Why wasn’t there any activation for business customers? I wasn’t on that team, they were elsewhere in the company. While several colleagues worked with them (since activation and Windows OS setup were so intertwined), I only had a little bit of communication with a program manager and a developer on that team prior to XP releasing.

I believe that the absence of activation for businesses came down to time. The team building the infrastructure didn’t have the time to build out a proper activation system that would work for businesses (something they already had ideas for before XP shipped in 2001). So instead of building something hacky, they waited and the right thing was released when Vista shipped many, many, many years later.

In terms of taking care of their VLKs, I can’t speak to how it was communicated to business customers, but I know they were told something like “This is your organization’s product key. It is very valuable. Please try to protect it.” (It was likely a more stern warning, but I have no idea.)

All I know is that what probably became the most famous product key in history, the XP VLK that starts with “FCKGW” leaked after we had shipped the OS in Aug. 2001, but before general availability in October. That tells you a little bit about how it leaked, and from where – there weren’t many customers who had their own VLK in hand by that point… let’s just say it probably leaked from a company that made hardware.

In hindsight, someone within Microsoft should have also started a pool about when the first VLK would leak. But honestly I don’t think any of us could have guessed it would have happened that rapidly, let alone how well-known that one key would become.

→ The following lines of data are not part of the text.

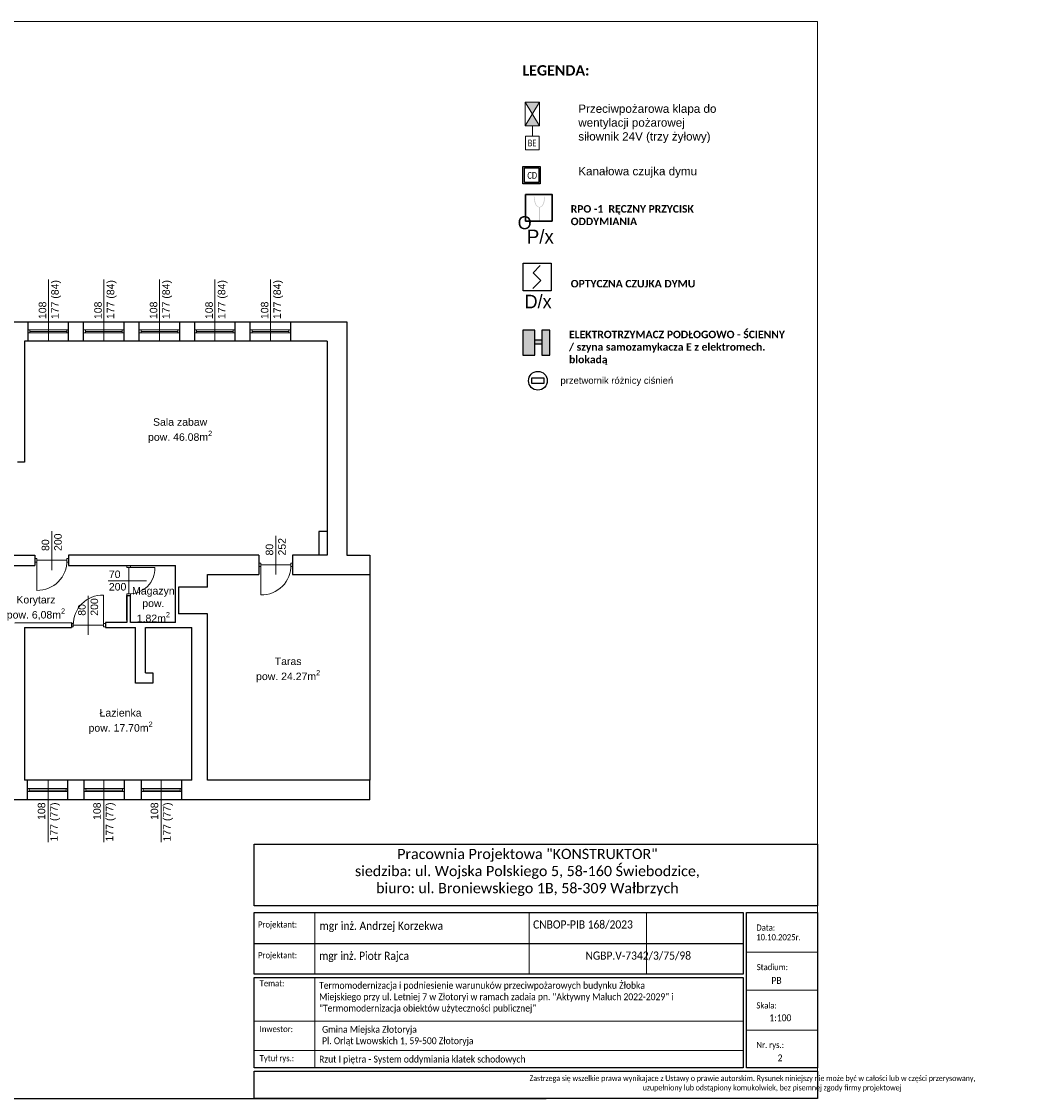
# Model space of a CAD drawing. Header units: millimetres. Extents: x 509 to 36614, y 492 to 3401.
# Tile 18 of 41: x 12147 to 14838, y 492 to 3362. Entities that reach past the tile are written whole.
import ezdxf
from ezdxf.enums import TextEntityAlignment as Align

# ---------------------------------------------------------------- set-up
doc = ezdxf.new("R2010")
doc.units = ezdxf.units.MM
for name, color, linetype, lineweight in [('A_Kontur_cienka', 250, 'Continuous', 0), ('mcr klapa FID S_V', 30, 'Continuous', 18), ('mcr opis', 7, 'Continuous', 18), ('opisy', 5, 'Continuous', 5), ('RAMKA 100', 198, 'Continuous', 15), ('sciany', 7, 'Continuous', 40), ('stolarka', 3, 'Continuous', 9), ('WYŁACZNIK', 1, 'Continuous', 18), ('ściany nośne', 1, 'Continuous', 25)]:
    doc.layers.add(name, color=color, linetype=linetype, lineweight=lineweight)
for name, color, linetype in [('mapp-system', 7, 'Continuous'), ('mcr_automatyka', 30, 'Continuous'), ('SIEMENS_adres', 7, 'Continuous'), ('SIEMENS_adres_csp', 7, 'Continuous'), ('SIEMENS_czujki', 1, 'Continuous'), ('SIEMENS_grupa', 5, 'Continuous'), ('SIEMENS_komentarze', 7, 'Continuous')]:
    doc.layers.add(name, color=color, linetype=linetype)
doc.styles.add('ARIAL', font='arial.ttf')
doc.styles.add('Arial Normalny', font='arial.ttf')
doc.styles.add('CALIBRI', font='calibri.ttf')
doc.styles.add('MtXpl_romans_shx', font='romans.shx')
doc.styles.add('OPS_Arial', font='txt')
doc.styles.add('ROMANS', font='romans.shx', dxfattribs={"height": 1})
doc.styles.add('SPS 500', font='ARIALN.TTF', dxfattribs={"height": 125})
doc.styles.get("Standard").update_dxf_attribs({"font": 'ARIAL.TTF'})
doc.styles.add('TABELKA', font='romans.shx', dxfattribs={"width": 0.9})

# ---------------------------------------------------------------- blocks, each defined once
blk = doc.blocks.new('*U2')
for p, q in [((7.6, 28.6), (-10.5, 10.5)), ((-10.5, 10.5), (8.7, -8.7)), ((8.7, -8.7), (-11.1, -28.4))]:
    blk.add_line(p, q)
blk.add_lwpolyline([(-34.5, 34.5), (34.5, 34.5), (34.5, -34.5), (-34.5, -34.5)], close=True)
at = {"flags": 9}
blk.add_attdef('NAZWA', (-58.3, 81.4), '', height=22, dxfattribs=at)
at = {"layer": 'SIEMENS_adres', "style": 'ARIAL', "width": 0.7, "flags": 8}
blk.add_attdef('ADRES', text='', height=26, dxfattribs=at).set_placement((8.7, 57.1), align=Align.MIDDLE_LEFT)
at = {"layer": 'SIEMENS_adres_csp', "style": 'MtXpl_romans_shx', "flags": 8}
blk.add_attdef('CSP', text='', height=15.6, dxfattribs=at).set_placement((-41.4, 26.4), align=Align.MIDDLE_RIGHT)
at = {"layer": 'SIEMENS_grupa', "style": 'ARIAL', "width": 0.7, "flags": 8}
blk.add_attdef('GRUPA', text='', height=26, dxfattribs=at).set_placement((0, -45.7), align=Align.TOP_CENTER)
at = {"layer": 'SIEMENS_komentarze', "style": 'MtXpl_romans_shx', "flags": 1}
blk.add_attdef('PARAMETR', (-210.6, -12.1), '', height=22, dxfattribs=at)
at = {"layer": 'SIEMENS_komentarze', "style": 'MtXpl_romans_shx'}
blk.add_attdef('UWAGI', (40.4, -11.2), '', height=22, dxfattribs=at)
blk = doc.blocks.new('klapa fid s symbol')
at = {"layer": 'mcr klapa FID S_V', "lineweight": 0}
h = blk.add_hatch(color=256, dxfattribs=at)
h.dxf.hatch_style = 1
h.paths.add_polyline_path([(283891, -103319), (284274, -103319), (284083, -103632)])
h.paths.add_polyline_path([(283891, -103946), (284083, -103632), (284274, -103946)])
at = {"layer": 'mcr klapa FID S_V'}
for p, q in [((283891, -103946), (284274, -103319)), ((283891, -103319), (284274, -103946))]:
    blk.add_line(p, q, dxfattribs=at)
at = {"layer": 'mcr klapa FID S_V', "lineweight": 0}
blk.add_line((284083, -104227), (284083, -103946), dxfattribs=at)
at = {"layer": 'mcr klapa FID S_V'}
blk.add_lwpolyline([(283891, -103946), (283891, -103319), (284274, -103319), (284274, -103946)], close=True, dxfattribs=at)
at = {"layer": 'mcr klapa FID S_V', "lineweight": 0}
blk.add_lwpolyline([(283903, -104227), (283903, -104587), (284263, -104587), (284263, -104227)], close=True, dxfattribs=at)
at = {"layer": 'mcr klapa FID S_V', "lineweight": 0, "style": 'CALIBRI', "width": 0.8}
blk.add_text('BE', height=180, dxfattribs=at).set_placement((284076, -104407), align=Align.MIDDLE_CENTER)

msp = doc.modelspace()

# ---------------------------------------------------------------- hatches: boundary and pattern name
at = {"transparency": 33554607}
h = msp.add_hatch(color=256, dxfattribs=at)
h.dxf.hatch_style = 1
h.set_gradient(color1=(0, 0, 255), color2=(0, 0, 228), one_color=1, tint=0.44995, name='CYLINDER')
h.paths.add_polyline_path([(13533.267, 2539.625), (13555.036, 2539.625), (13555.036, 2473.097), (13533.267, 2473.097)])
h.paths.add_polyline_path([(13514.968, 2539.625), (13514.968, 2473.097), (13482.457, 2473.097), (13482.457, 2539.625)])
h.paths.add_polyline_path([(13514.968, 2513.945), (13533.267, 2513.945), (13533.267, 2502.103), (13514.968, 2502.103)])
at = {"layer": 'WYŁACZNIK', "lineweight": 30}
h = msp.add_hatch(color=30, dxfattribs=at)
edge = h.paths.add_edge_path()
edge.add_spline(control_points=[(13528.195, 2866.745), (13528.95, 2866.931), (13536.296, 2868.156), (13540.87, 2881.248), (13541.442, 2890.681), (13541.727, 2895.083)], knot_values=[0.41248098, 0.41248098, 0.41248098, 0.41248098, 1.16065763, 6.84798008, 10.93999112, 10.93999112, 10.93999112, 10.93999112], degree=3, periodic=0)
edge.add_line((13541.727, 2895.083), (13540.045, 2895.018))
edge.add_spline(control_points=[(13540.045, 2895.018), (13539.86, 2893.074), (13539.676, 2891.143), (13539.262, 2887.877), (13539.067, 2886.554), (13538.58, 2883.864), (13538.287, 2882.489), (13537.411, 2879.096), (13536.753, 2877.088), (13535.343, 2874.047), (13534.688, 2872.908), (13533.202, 2870.933), (13532.371, 2870.098), (13530.983, 2869.132), (13530.496, 2868.857), (13529.464, 2868.409), (13528.895, 2868.228), (13527.852, 2867.952), (13527.4, 2867.848), (13526.329, 2867.867)], knot_values=[0.09000362, 0.09000362, 0.09000362, 0.09000362, 2.04786432, 2.04786432, 3.36458653, 3.36458653, 4.68130874, 4.68130874, 6.58705887, 6.58705887, 7.88515302, 7.88515302, 9.18324717, 9.18324717, 9.83229424, 9.83229424, 10.48134132, 10.48134132, 10.93999112, 10.93999112, 10.93999112, 10.93999112], degree=3, periodic=0)
edge.add_spline(control_points=[(13526.936, 2867.744), (13526.472, 2867.848), (13526.02, 2867.952), (13524.977, 2868.228), (13524.408, 2868.409), (13523.376, 2868.857), (13522.889, 2869.132), (13521.501, 2870.098), (13520.67, 2870.933), (13519.184, 2872.908), (13518.529, 2874.047), (13517.119, 2877.088), (13516.461, 2879.096), (13515.585, 2882.489), (13515.292, 2883.864), (13514.805, 2886.554), (13514.61, 2887.877), (13514.196, 2891.143), (13514.012, 2893.074), (13513.827, 2895.018)], knot_values=[0.09000362, 0.09000362, 0.09000362, 0.09000362, 0.54865342, 0.54865342, 1.1977005, 1.1977005, 1.84674757, 1.84674757, 3.14484172, 3.14484172, 4.44293587, 4.44293587, 6.348686, 6.348686, 7.66540821, 7.66540821, 8.98213042, 8.98213042, 10.93999112, 10.93999112, 10.93999112, 10.93999112], degree=3, periodic=0)
edge.add_line((13513.827, 2895.018), (13511.884, 2894.797))
edge.add_spline(control_points=[(13511.884, 2894.797), (13512.399, 2890.738), (13512.742, 2880.619), (13518.23, 2867.927), (13524.922, 2866.931), (13525.677, 2866.745)], knot_values=[0.41248098, 0.41248098, 0.41248098, 0.41248098, 4.50449202, 10.19181446, 10.93999112, 10.93999112, 10.93999112, 10.93999112], degree=3, periodic=0)
edge.add_line((13525.677, 2866.745), (13525.677, 2832.314))
edge.add_line((13525.677, 2832.314), (13528.195, 2832.314))
edge.add_line((13528.195, 2832.314), (13528.195, 2866.745))

# ---------------------------------------------------------------- linework, layer by layer
at = {"color": 0, "lineweight": 15, "ltscale": 10}
for p, q in [((12928.766, 823.18), (12928.766, 986.98)), ((13499.54, 823.18), (13499.54, 986.98)), ((13812.58, 823.18), (13812.58, 986.98)), ((14267.815, 881.872), (14078.535, 881.872)), ((12928.766, 573.726), (12928.766, 814.08)), ((14267.815, 780.353), (14078.535, 780.353)), ((14069.435, 697.379), (12766.315, 697.379)), ((14078.535, 673.485), (14267.815, 673.485)), ((14069.435, 619.226), (12766.315, 619.226))]:
    msp.add_line(p, q, dxfattribs=at)
at = {"color": 0, "ltscale": 10}
msp.add_line((12766.315, 905.08), (14069.435, 905.08), dxfattribs=at)
for points in [[(13482.457, 2539.625), (13482.457, 2473.097), (13514.968, 2473.097), (13514.968, 2539.625)], [(13533.267, 2539.625), (13533.267, 2473.097), (13555.036, 2473.097), (13555.036, 2539.625)], [(13533.267, 2513.945), (13533.267, 2502.103), (13514.968, 2502.103), (13514.968, 2513.945)]]:
    msp.add_lwpolyline(points, close=True)
for points in [[(12766.315, 1169.694), (14267.815, 1169.694), (14267.815, 1005.18), (12766.315, 1005.18)], [(12766.315, 986.98), (14069.435, 986.98), (14069.435, 823.18), (12766.315, 823.18)], [(14078.535, 986.98), (14267.815, 986.98), (14267.815, 573.726), (14078.535, 573.726)], [(12766.315, 814.08), (14069.435, 814.08), (14069.435, 573.726), (12766.315, 573.726)], [(12766.315, 564.626), (14267.815, 564.626), (14267.815, 491.826), (12766.315, 491.826)]]:
    msp.add_lwpolyline(points, close=True, dxfattribs=at)
at = {"layer": 'mcr_automatyka', "color": 30, "ltscale": 300}
for p, q in [((13482.862, 2975.468), (13529.085, 2975.468)), ((13482.862, 2929.245), (13482.862, 2975.468)), ((13486.699, 2971.634), (13525.249, 2971.634)), ((13486.699, 2933.078), (13486.699, 2971.634)), ((13525.249, 2971.634), (13525.249, 2933.078)), ((13529.085, 2975.468), (13529.085, 2929.245)), ((13529.085, 2929.245), (13482.862, 2929.245)), ((13525.249, 2933.078), (13486.699, 2933.078))]:
    msp.add_line(p, q, dxfattribs=at)
msp.add_lwpolyline([(13506.731, 2411.896), (13538.894, 2411.896), (13538.894, 2397.148), (13506.731, 2397.148)], close=True, dxfattribs=at)
msp.add_circle((13522.812, 2404.522), 25, dxfattribs=at)
at = {"layer": 'opisy', "color": 251}
for p, q in [((12218.144, 2509.788), (12218.144, 2674.373)), ((12366.144, 2509.788), (12366.144, 2674.373)), ((12514.144, 2509.788), (12514.144, 2674.373)), ((12662.144, 2509.788), (12662.144, 2674.373)), ((12810.144, 2509.788), (12810.144, 2674.373)), ((12227.726, 1899.955), (12227.726, 2003.668)), ((12824.726, 1887.955), (12824.726, 1991.668)), ((12377.524, 1871.445), (12480.041, 1871.445)), ((12324.728, 1727.367), (12324.728, 1831.079)), ((12217.726, 1339.788), (12217.726, 1175.204)), ((12365.726, 1339.788), (12365.726, 1175.204)), ((12518.726, 1339.788), (12518.726, 1175.204))]:
    msp.add_line(p, q, dxfattribs=at)
at = {"layer": 'stolarka', "color": 251}
for p, q in [((12164.144, 2539.788), (12169.144, 2539.788)), ((12169.144, 2531.788), (12164.144, 2531.788)), ((12169.144, 2539.788), (12169.144, 2531.788)), ((12169.144, 2539.788), (12267.144, 2539.788)), ((12169.144, 2535.788), (12267.144, 2535.788)), ((12169.144, 2531.788), (12267.144, 2531.788)), ((12272.144, 2539.788), (12267.144, 2539.788)), ((12267.144, 2539.788), (12267.144, 2531.788)), ((12267.144, 2531.788), (12272.144, 2531.788)), ((12312.144, 2539.788), (12317.144, 2539.788)), ((12317.144, 2531.788), (12312.144, 2531.788)), ((12317.144, 2539.788), (12317.144, 2531.788)), ((12317.144, 2539.788), (12415.144, 2539.788)), ((12317.144, 2535.788), (12415.144, 2535.788)), ((12317.144, 2531.788), (12415.144, 2531.788)), ((12420.144, 2539.788), (12415.144, 2539.788)), ((12415.144, 2539.788), (12415.144, 2531.788)), ((12415.144, 2531.788), (12420.144, 2531.788)), ((12460.144, 2539.788), (12465.144, 2539.788)), ((12465.144, 2531.788), (12460.144, 2531.788)), ((12465.144, 2539.788), (12465.144, 2531.788)), ((12465.144, 2539.788), (12563.144, 2539.788)), ((12465.144, 2535.788), (12563.144, 2535.788)), ((12465.144, 2531.788), (12563.144, 2531.788)), ((12568.144, 2539.788), (12563.144, 2539.788)), ((12563.144, 2539.788), (12563.144, 2531.788)), ((12563.144, 2531.788), (12568.144, 2531.788)), ((12608.144, 2539.788), (12613.144, 2539.788)), ((12613.144, 2531.788), (12608.144, 2531.788)), ((12613.144, 2539.788), (12613.144, 2531.788)), ((12613.144, 2539.788), (12711.144, 2539.788)), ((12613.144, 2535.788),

Much like local administrator passwords in an unattended setup file, there wasn’t a whole lot that could be done to protect a product key, since it sat there in clear text. As we were working on Service Pack 1 for XP, I sat down with one of the setup UI developers and we talked out a design for protecting product keys for customers who wanted to try and protect their VLKs from compromise.

A simple set of switches were added to winnt32.exe, the setup executable for most NT-based Windows releases prior to Vista. These would let you encrypt (but not decrypt) your VLK for 5-60 days, and it could be run quietly. The design thinking here was that you could write a script that would automatically update the encrypt the product key on your file servers or Remote Installation Services (RIS) servers where the OS was deployed from, using a scheduled task.

The VLK then would be protected from prying eyes looking to rip it out of an unattended setup file or other answer file used by Windows setup.

The decryption code was added to the unattended setup file processing logic within winnt32 so that the key would be transparently decrypted and applied to the resulting installs of Windows XP. End users didn’t have to do anything.

It wasn’t perfect, but it gave customers something they could do to protect the VLK if they were willing to. I have no idea how many customers used it, but I think even offering the option was worth the effort.

Ironically, that one product key (which Microsoft would take some efforts to try and stop the use/abuse of) would last forever, and be abused as long as possible.

I mean here it is almost 23 years after XP released to manufacturing, and just three days after I posted it the tweet has over 2M impressions, 8,500 likes, and 1,000 RTs, and over 600 replies.

It’s kind of amusing that a product key would have this much cultural significance, and be easily recognized by so many, and generate some good laughs almost a quarter of a century later.